The aim of this study was to integrate multi omics data to characterize underlying functional pathways and candidate genes for drip loss in pigs. The consideration of different omics levels allows elucidating the black box of phenotype expression. Metabolite and protein profiling was applied in Musculus longissimus dorsi samples of 97 Duroc × Pietrain pigs. In total, 126 and 35 annotated metabolites and proteins were quantified, respectively. In addition, all animals were genotyped with the porcine 60 k Illumina beadchip. An enrichment analysis resulted in 10 pathways, amongst others, sphingolipid metabolism and glycolysis/gluconeogenesis, with significant influence on drip loss. Drip loss and 22 metabolic components were analyzed as intermediate phenotypes within a genome-wide association study (GWAS). We detected significantly associated genetic markers and candidate genes for drip loss and for most of the metabolic components.
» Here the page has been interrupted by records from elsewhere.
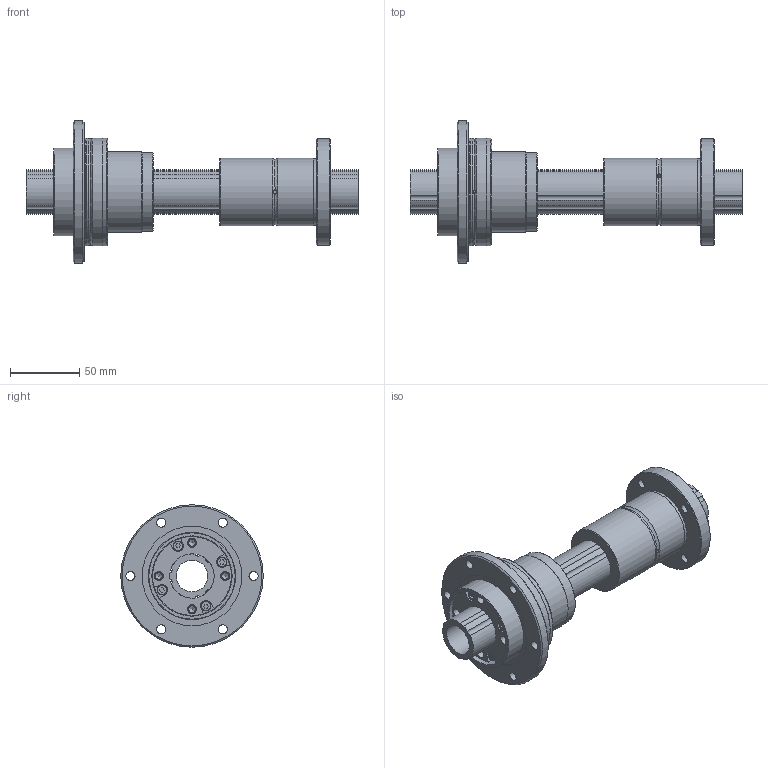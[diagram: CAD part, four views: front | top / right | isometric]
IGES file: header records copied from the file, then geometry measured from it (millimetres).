
Start section: Data from Parasolid IGES Translator 26.0.171, Copyright(c) 2006 Siemens PLM Software. All Rights Reserved.
Global section: file name: NS3232A+240L.igs; native system: By Siemens PLM Incorporated; preprocessor: XPlus GENERIC/IGES 26.0.171; author: Noname; organization: Noname; date: 20250611.084544; units: millimetre
Bounding box: 240 x 103 x 103 mm (x, y, z)
Surface area: 116532.8 mm2 (no closed solid volume)
Topology: 0 solids, 0 shells, 170 faces, 778 edges, 681 vertices
Faces by surface type: revolution 97, extrusion 73
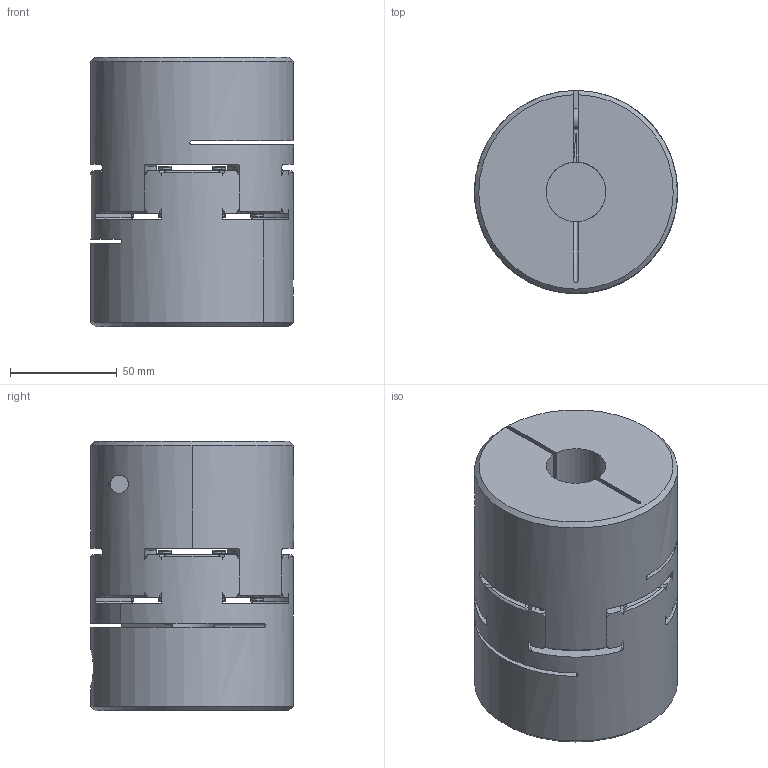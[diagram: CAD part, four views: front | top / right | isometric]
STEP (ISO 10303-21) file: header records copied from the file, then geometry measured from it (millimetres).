
FILE_DESCRIPTION((''),'2;1');
FILE_NAME('ROBA-ES__SIZE_42_TYPE_940_000','2021-05-11T11:19:39',('procad'),('Chr. Mayr GmbH + Co. KG'),'CREO PARAMETRIC BY PTC INC, 2019471','CREO PARAMETRIC BY PTC INC, 2019471','');
FILE_SCHEMA(('CONFIG_CONTROL_DESIGN','SHAPE_APPEARANCE_LAYERS_GROUPS'));
Length unit declared in the file: millimetre
Products named in the file (1): ROBA-ES__SIZE_42_TYPE_940_000
Bounding box: 95 x 95 x 126 mm (x, y, z)
Volume: 737601.1 mm3; surface area: 112125.7 mm2
Topology: 1 solids, 1 shells, 483 faces, 1288 edges, 806 vertices
Faces by surface type: plane 191, cylinder 126, cone 88, torus 78
Entity records: 18907 total; most frequent: CARTESIAN_POINT 4102, ORIENTED_EDGE 2576, DIRECTION 2548, EDGE_CURVE 1288, AXIS2_PLACEMENT_3D 995, VERTEX_POINT 806, VECTOR 558, LINE 558
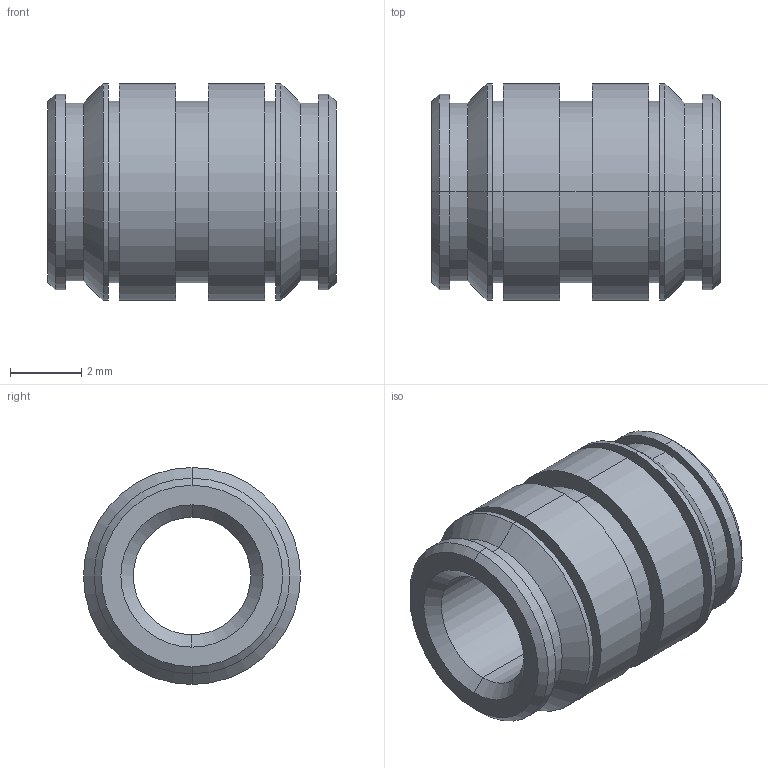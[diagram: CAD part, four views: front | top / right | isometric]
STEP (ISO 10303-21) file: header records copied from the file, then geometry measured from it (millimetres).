
FILE_DESCRIPTION (( 'STEP AP203' ), '1' );
FILE_NAME ('FSUK-DUO-M04-S.STEP', '2021-04-15T09:12:38', ( '' ), ( '' ), 'SwSTEP 2.0', 'SolidWorks 2021', '' );
FILE_SCHEMA (( 'CONFIG_CONTROL_DESIGN' ));
Length unit declared in the file: millimetre
Products named in the file (1): FSUK-DUO-M04-S
Bounding box: 8.1 x 6.1 x 6.1 mm (x, y, z)
Volume: 131.7 mm3; surface area: 318.5 mm2
Topology: 1 solids, 1 shells, 46 faces, 92 edges, 56 vertices
Faces by surface type: cylinder 24, cone 12, plane 10
Entity records: 1285 total; most frequent: DIRECTION 242, CARTESIAN_POINT 195, ORIENTED_EDGE 184, AXIS2_PLACEMENT_3D 103, EDGE_CURVE 92, EDGE_LOOP 56, VERTEX_POINT 56, CIRCLE 56
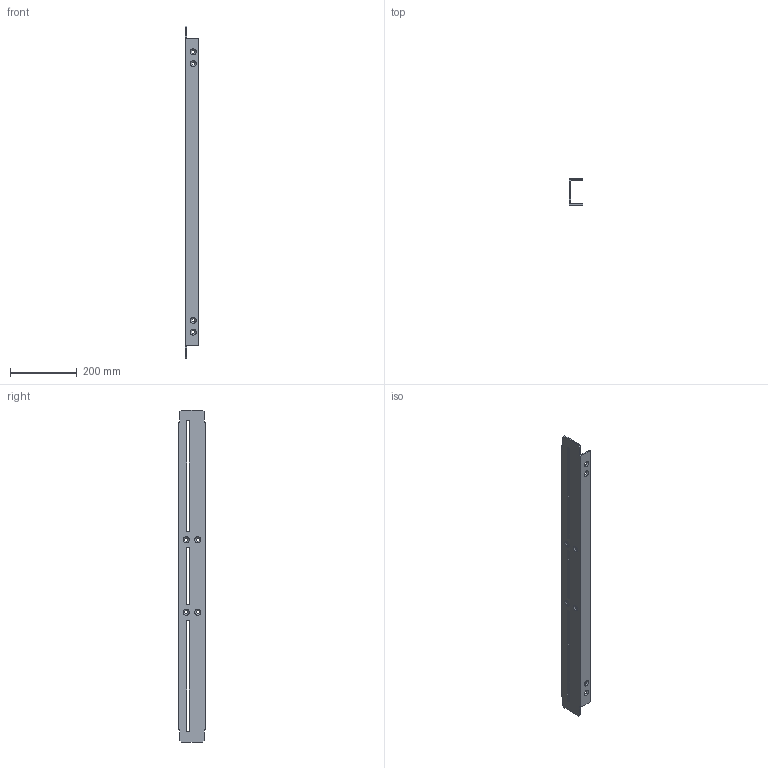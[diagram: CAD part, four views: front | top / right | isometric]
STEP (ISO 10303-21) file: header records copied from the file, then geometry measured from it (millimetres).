
FILE_DESCRIPTION (( 'STEP AP214' ), '1' );
FILE_NAME ('ÂØÀÅ.746222.009 Øâåëëåð.STEP', '2024-04-17T13:46:30', ( '' ), ( '' ), 'SwSTEP 2.0', 'SolidWorks 2019', '' );
FILE_SCHEMA (( 'AUTOMOTIVE_DESIGN' ));
Length unit declared in the file: millimetre
Products named in the file (1): ÂØÀÅ.746222.009 Øâåëëåð
Bounding box: 40 x 80 x 992 mm (x, y, z)
Volume: 554545.6 mm3; surface area: 287181.9 mm2
Topology: 1 solids, 1 shells, 63 faces, 183 edges, 122 vertices
Faces by surface type: plane 28, cone 24, cylinder 11
Entity records: 2201 total; most frequent: DIRECTION 381, CARTESIAN_POINT 369, ORIENTED_EDGE 366, EDGE_CURVE 183, AXIS2_PLACEMENT_3D 134, VERTEX_POINT 122, LINE 113, VECTOR 113
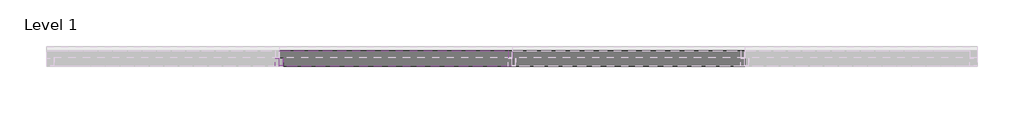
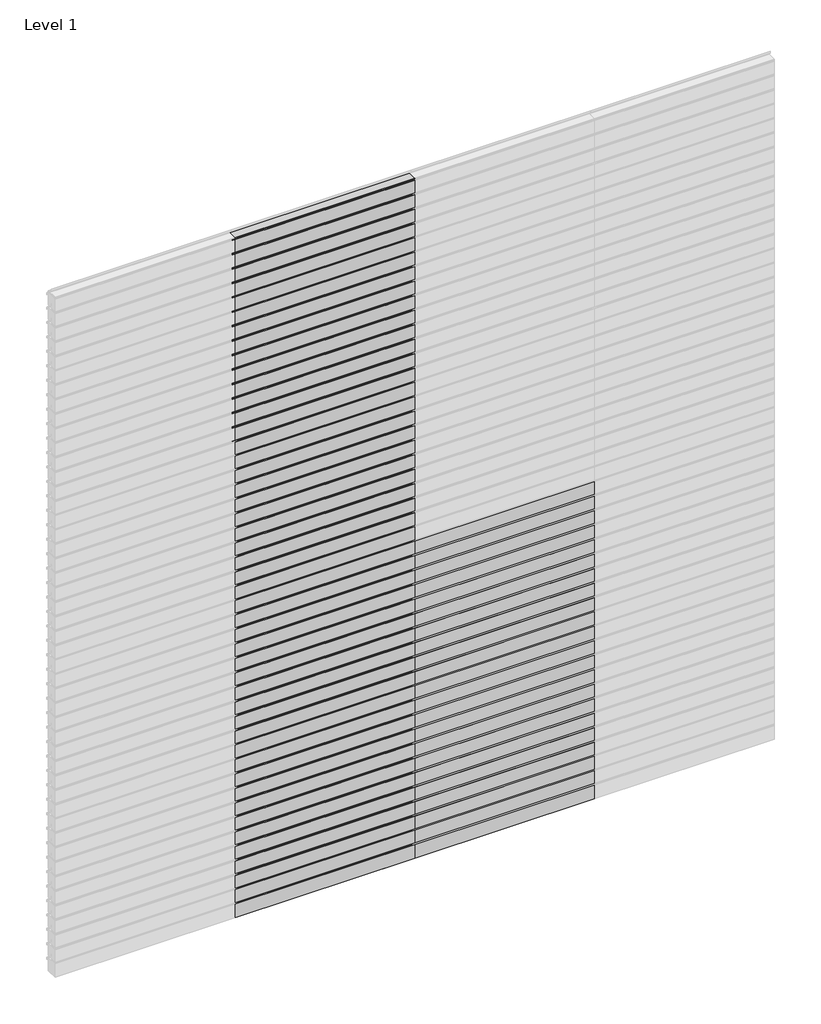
# One storey, part 3 of 6: 117 plates, 14 members.
"""IFC4 building model written with IfcOpenShell, lengths in millimetres."""

from ifc_helpers import new_model, si_unit, origin, place, context, project, spatial, transform, mapped, element, save
from components import rectangular_mullion_172e3795, empty_system_panel_empty_e0da4f88, empty_system_panel_empty_a47fb649, empty_system_panel_empty_1618a703, empty_system_panel_empty_03f415d5

model = new_model("IFC4")

# Units and contexts
model_context = context("Model", 3, world=origin())
ifc_project = project(units=[si_unit("LENGTHUNIT", "METRE", prefix="MILLI")], contexts=[model_context])

# Site, building, storey
site = spatial("IfcSite", under=ifc_project)
building = spatial("IfcBuilding", under=site)
storey = spatial("IfcBuildingStorey", under=building, Name="Level 1", Elevation=0.0)

# Members
placement = place(None, origin())
rectangular_mullion_shape = rectangular_mullion_172e3795(model_context)
element("IfcMember", 1, ObjectType="Rectangular Mullion : RSen_21_CWM_support profile 50x50_gen_duco projects", at=placement, inside=storey, context=model_context, shape_type="MappedRepresentation", body=[
    mapped(rectangular_mullion_shape, transform((1500.0, 3000.0, 4207.5), x_axis=(-1.0, 0.0, 0.0), y_axis=(0.0, 1.0, 0.0), z_axis=(0.0, 0.0, -1.0))),
])
element("IfcMember", 2, ObjectType="Rectangular Mullion : RSen_21_CWM_support profile 50x50_gen_duco projects", at=placement, inside=storey, context=model_context, shape_type="MappedRepresentation", body=[
    mapped(rectangular_mullion_shape, transform((1500.0, 3000.0, 4335.0), x_axis=(-1.0, 0.0, 0.0), y_axis=(0.0, 1.0, 0.0), z_axis=(0.0, 0.0, -1.0))),
])
element("IfcMember", 3, ObjectType="Rectangular Mullion : RSen_21_CWM_support profile 50x50_gen_duco projects", at=placement, inside=storey, context=model_context, shape_type="MappedRepresentation", body=[
    mapped(rectangular_mullion_shape, transform((1500.0, 3000.0, 4462.5), x_axis=(-1.0, 0.0, 0.0), y_axis=(0.0, 1.0, 0.0), z_axis=(0.0, 0.0, -1.0))),
])
element("IfcMember", 4, ObjectType="Rectangular Mullion : RSen_21_CWM_support profile 50x50_gen_duco projects", at=placement, inside=storey, context=model_context, shape_type="MappedRepresentation", body=[
    mapped(rectangular_mullion_shape, transform((1500.0, 3000.0, 4590.0), x_axis=(-1.0, 0.0, 0.0), y_axis=(0.0, 1.0, 0.0), z_axis=(0.0, 0.0, -1.0))),
])
element("IfcMember", 5, ObjectType="Rectangular Mullion : RSen_21_CWM_support profile 50x50_gen_duco projects", at=placement, inside=storey, context=model_context, shape_type="MappedRepresentation", body=[
    mapped(rectangular_mullion_shape, transform((1500.0, 3000.0, 4717.5), x_axis=(-1.0, 0.0, 0.0), y_axis=(0.0, 1.0, 0.0), z_axis=(0.0, 0.0, -1.0))),
])
element("IfcMember", 6, ObjectType="Rectangular Mullion : RSen_21_CWM_support profile 50x50_gen_duco projects", at=placement, inside=storey, context=model_context, shape_type="MappedRepresentation", body=[
    mapped(rectangular_mullion_shape, transform((1500.0, 3000.0, 4845.0), x_axis=(-1.0, 0.0, 0.0), y_axis=(0.0, 1.0, 0.0), z_axis=(0.0, 0.0, -1.0))),
])
element("IfcMember", 7, ObjectType="Rectangular Mullion : RSen_21_CWM_support profile 50x50_gen_duco projects", at=placement, inside=storey, context=model_context, shape_type="MappedRepresentation", body=[
    mapped(rectangular_mullion_shape, transform((1500.0, 3000.0, 4972.5), x_axis=(-1.0, 0.0, 0.0), y_axis=(0.0, 1.0, 0.0), z_axis=(0.0, 0.0, -1.0))),
])
element("IfcMember", 8, ObjectType="Rectangular Mullion : RSen_21_CWM_support profile 50x50_gen_duco projects", at=placement, inside=storey, context=model_context, shape_type="MappedRepresentation", body=[
    mapped(rectangular_mullion_shape, transform((1500.0, 3000.0, 5100.0), x_axis=(-1.0, 0.0, 0.0), y_axis=(0.0, 1.0, 0.0), z_axis=(0.0, 0.0, -1.0))),
])
element("IfcMember", 9, ObjectType="Rectangular Mullion : RSen_21_CWM_support profile 50x50_gen_duco projects", at=placement, inside=storey, context=model_context, shape_type="MappedRepresentation", body=[
    mapped(rectangular_mullion_shape, transform((1500.0, 3000.0, 5227.5), x_axis=(-1.0, 0.0, 0.0), y_axis=(0.0, 1.0, 0.0), z_axis=(0.0, 0.0, -1.0))),
])
element("IfcMember", 10, ObjectType="Rectangular Mullion : RSen_21_CWM_support profile 50x50_gen_duco projects", at=placement, inside=storey, context=model_context, shape_type="MappedRepresentation", body=[
    mapped(rectangular_mullion_shape, transform((1500.0, 3000.0, 5355.0), x_axis=(-1.0, 0.0, 0.0), y_axis=(0.0, 1.0, 0.0), z_axis=(0.0, 0.0, -1.0))),
])
element("IfcMember", 11, ObjectType="Rectangular Mullion : RSen_21_CWM_support profile 50x50_gen_duco projects", at=placement, inside=storey, context=model_context, shape_type="MappedRepresentation", body=[
    mapped(rectangular_mullion_shape, transform((1500.0, 3000.0, 5482.5), x_axis=(-1.0, 0.0, 0.0), y_axis=(0.0, 1.0, 0.0), z_axis=(0.0, 0.0, -1.0))),
])
element("IfcMember", 12, ObjectType="Rectangular Mullion : RSen_21_CWM_support profile 50x50_gen_duco projects", at=placement, inside=storey, context=model_context, shape_type="MappedRepresentation", body=[
    mapped(rectangular_mullion_shape, transform((1500.0, 3000.0, 5610.0), x_axis=(-1.0, 0.0, 0.0), y_axis=(0.0, 1.0, 0.0), z_axis=(0.0, 0.0, -1.0))),
])
element("IfcMember", 13, ObjectType="Rectangular Mullion : RSen_21_CWM_support profile 50x50_gen_duco projects", at=placement, inside=storey, context=model_context, shape_type="MappedRepresentation", body=[
    mapped(rectangular_mullion_shape, transform((1500.0, 3000.0, 5737.5), x_axis=(-1.0, 0.0, 0.0), y_axis=(0.0, 1.0, 0.0), z_axis=(0.0, 0.0, -1.0))),
])
element("IfcMember", 14, ObjectType="Rectangular Mullion : RSen_21_CWM_support profile 50x50_gen_duco projects", at=placement, inside=storey, context=model_context, shape_type="MappedRepresentation", body=[
    mapped(rectangular_mullion_shape, transform((1500.0, 3000.0, 5865.0), x_axis=(-1.0, 0.0, 0.0), y_axis=(0.0, 1.0, 0.0), z_axis=(0.0, 0.0, -1.0))),
])

# Plates
empty_system_panel_empty_shape = empty_system_panel_empty_e0da4f88(model_context)
element("IfcPlate", 15, ObjectType="Empty System Panel : Empty", at=placement, inside=storey, context=model_context, shape_type="MappedRepresentation", body=[
    mapped(empty_system_panel_empty_shape, transform((3750.0, 3000.0, 0.0), x_axis=(-1.0, 0.0, 0.0), y_axis=(0.0, -1.0, 0.0), z_axis=(0.0, 0.0, 1.0))),
])
element("IfcPlate", 16, ObjectType="Empty System Panel : Empty", at=placement, inside=storey, context=model_context, shape_type="MappedRepresentation", body=[
    mapped(empty_system_panel_empty_shape, transform((2250.0, 3000.0, 0.0), x_axis=(-1.0, 0.0, 0.0), y_axis=(0.0, -1.0, 0.0), z_axis=(0.0, 0.0, 1.0))),
])
empty_system_panel_empty_2_shape = empty_system_panel_empty_a47fb649(model_context)
element("IfcPlate", 17, ObjectType="Empty System Panel : Empty", at=placement, inside=storey, context=model_context, shape_type="MappedRepresentation", body=[
    mapped(empty_system_panel_empty_2_shape, transform((3750.0, 3000.0, 135.9852814), x_axis=(-1.0, 0.0, 0.0), y_axis=(0.0, -1.0, 0.0), z_axis=(0.0, 0.0, 1.0))),
])
element("IfcPlate", 18, ObjectType="Empty System Panel : Empty", at=placement, inside=storey, context=model_context, shape_type="MappedRepresentation", body=[
    mapped(empty_system_panel_empty_2_shape, transform((2250.0, 3000.0, 135.9852814), x_axis=(-1.0, 0.0, 0.0), y_axis=(0.0, -1.0, 0.0), z_axis=(0.0, 0.0, 1.0))),
])
element("IfcPlate", 19, ObjectType="Empty System Panel : Empty", at=placement, inside=storey, context=model_context, shape_type="MappedRepresentation", body=[
    mapped(empty_system_panel_empty_2_shape, transform((3750.0, 3000.0, 263.4852814), x_axis=(-1.0, 0.0, 0.0), y_axis=(0.0, -1.0, 0.0), z_axis=(0.0, 0.0, 1.0))),
])
element("IfcPlate", 20, ObjectType="Empty System Panel : Empty", at=placement, inside=storey, context=model_context, shape_type="MappedRepresentation", body=[
    mapped(empty_system_panel_empty_2_shape, transform((2250.0, 3000.0, 263.4852814), x_axis=(-1.0, 0.0, 0.0), y_axis=(0.0, -1.0, 0.0), z_axis=(0.0, 0.0, 1.0))),
])
element("IfcPlate", 21, ObjectType="Empty System Panel : Empty", at=placement, inside=storey, context=model_context, shape_type="MappedRepresentation", body=[
    mapped(empty_system_panel_empty_2_shape, transform((3750.0, 3000.0, 390.9852814), x_axis=(-1.0, 0.0, 0.0), y_axis=(0.0, -1.0, 0.0), z_axis=(0.0, 0.0, 1.0))),
])
element("IfcPlate", 22, ObjectType="Empty System Panel : Empty", at=placement, inside=storey, context=model_context, shape_type="MappedRepresentation", body=[
    mapped(empty_system_panel_empty_2_shape, transform((2250.0, 3000.0, 390.9852814), x_axis=(-1.0, 0.0, 0.0), y_axis=(0.0, -1.0, 0.0), z_axis=(0.0, 0.0, 1.0))),
])
element("IfcPlate", 23, ObjectType="Empty System Panel : Empty", at=placement, inside=storey, context=model_context, shape_type="MappedRepresentation", body=[
    mapped(empty_system_panel_empty_2_shape, transform((3750.0, 3000.0, 518.4852814), x_axis=(-1.0, 0.0, 0.0), y_axis=(0.0, -1.0, 0.0), z_axis=(0.0, 0.0, 1.0))),
])
element("IfcPlate", 24, ObjectType="Empty System Panel : Empty", at=placement, inside=storey, context=model_context, shape_type="MappedRepresentation", body=[
    mapped(empty_system_panel_empty_2_shape, transform((2250.0, 3000.0, 518.4852814), x_axis=(-1.0, 0.0, 0.0), y_axis=(0.0, -1.0, 0.0), z_axis=(0.0, 0.0, 1.0))),
])
element("IfcPlate", 25, ObjectType="Empty System Panel : Empty", at=placement, inside=storey, context=model_context, shape_type="MappedRepresentation", body=[
    mapped(empty_system_panel_empty_2_shape, transform((3750.0, 3000.0, 645.9852814), x_axis=(-1.0, 0.0, 0.0), y_axis=(0.0, -1.0, 0.0), z_axis=(0.0, 0.0, 1.0))),
])
element("IfcPlate", 26, ObjectType="Empty System Panel : Empty", at=placement, inside=storey, context=model_context, shape_type="MappedRepresentation", body=[
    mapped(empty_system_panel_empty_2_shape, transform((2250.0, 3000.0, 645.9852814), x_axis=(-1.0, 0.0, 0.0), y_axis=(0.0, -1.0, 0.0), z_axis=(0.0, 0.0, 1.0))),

On chromosome 18, a region with promising candidate genes was identified based on SNPs associated with drip loss, the protein “phosphoglycerate mutase 2” and the metabolite glycine. We hypothesize that association studies based on intermediate phenotypes are able to provide comprehensive insights in the genetic variation of genes directly involved in the metabolism of performance traits. In this way, the analyses contribute to identify reliable candidate genes.

No MeSH data available.


Region on Sus scrofa chromosome (SSC) 18 with potential candidate genes for drip loss and associated metabolic traits phosphoglycerate mutase 2 and glycine. Drip loss measured in Musculus longissimus dorsi (LD) 24 h post-mortem (p.m.); PGAM2 = phosphoglycerate mutase 2; fat solid arrows = direct relation between SNPs and drip loss; thin solid arrows = indirect relation between SNPs and drip loss via metabolite glycine; dotted arrow = indirect relation between SNPs and drip loss via protein PGAM2; genes in boxes: CREB3L2 = cAMP responsive element binding protein 3 like 2; PTN = Sus scrofa pleiotropic factor beta; LRGUK = leucine-rich repeats and guanylate kinase domain containing; EXOC4 = exocyst complex component 4.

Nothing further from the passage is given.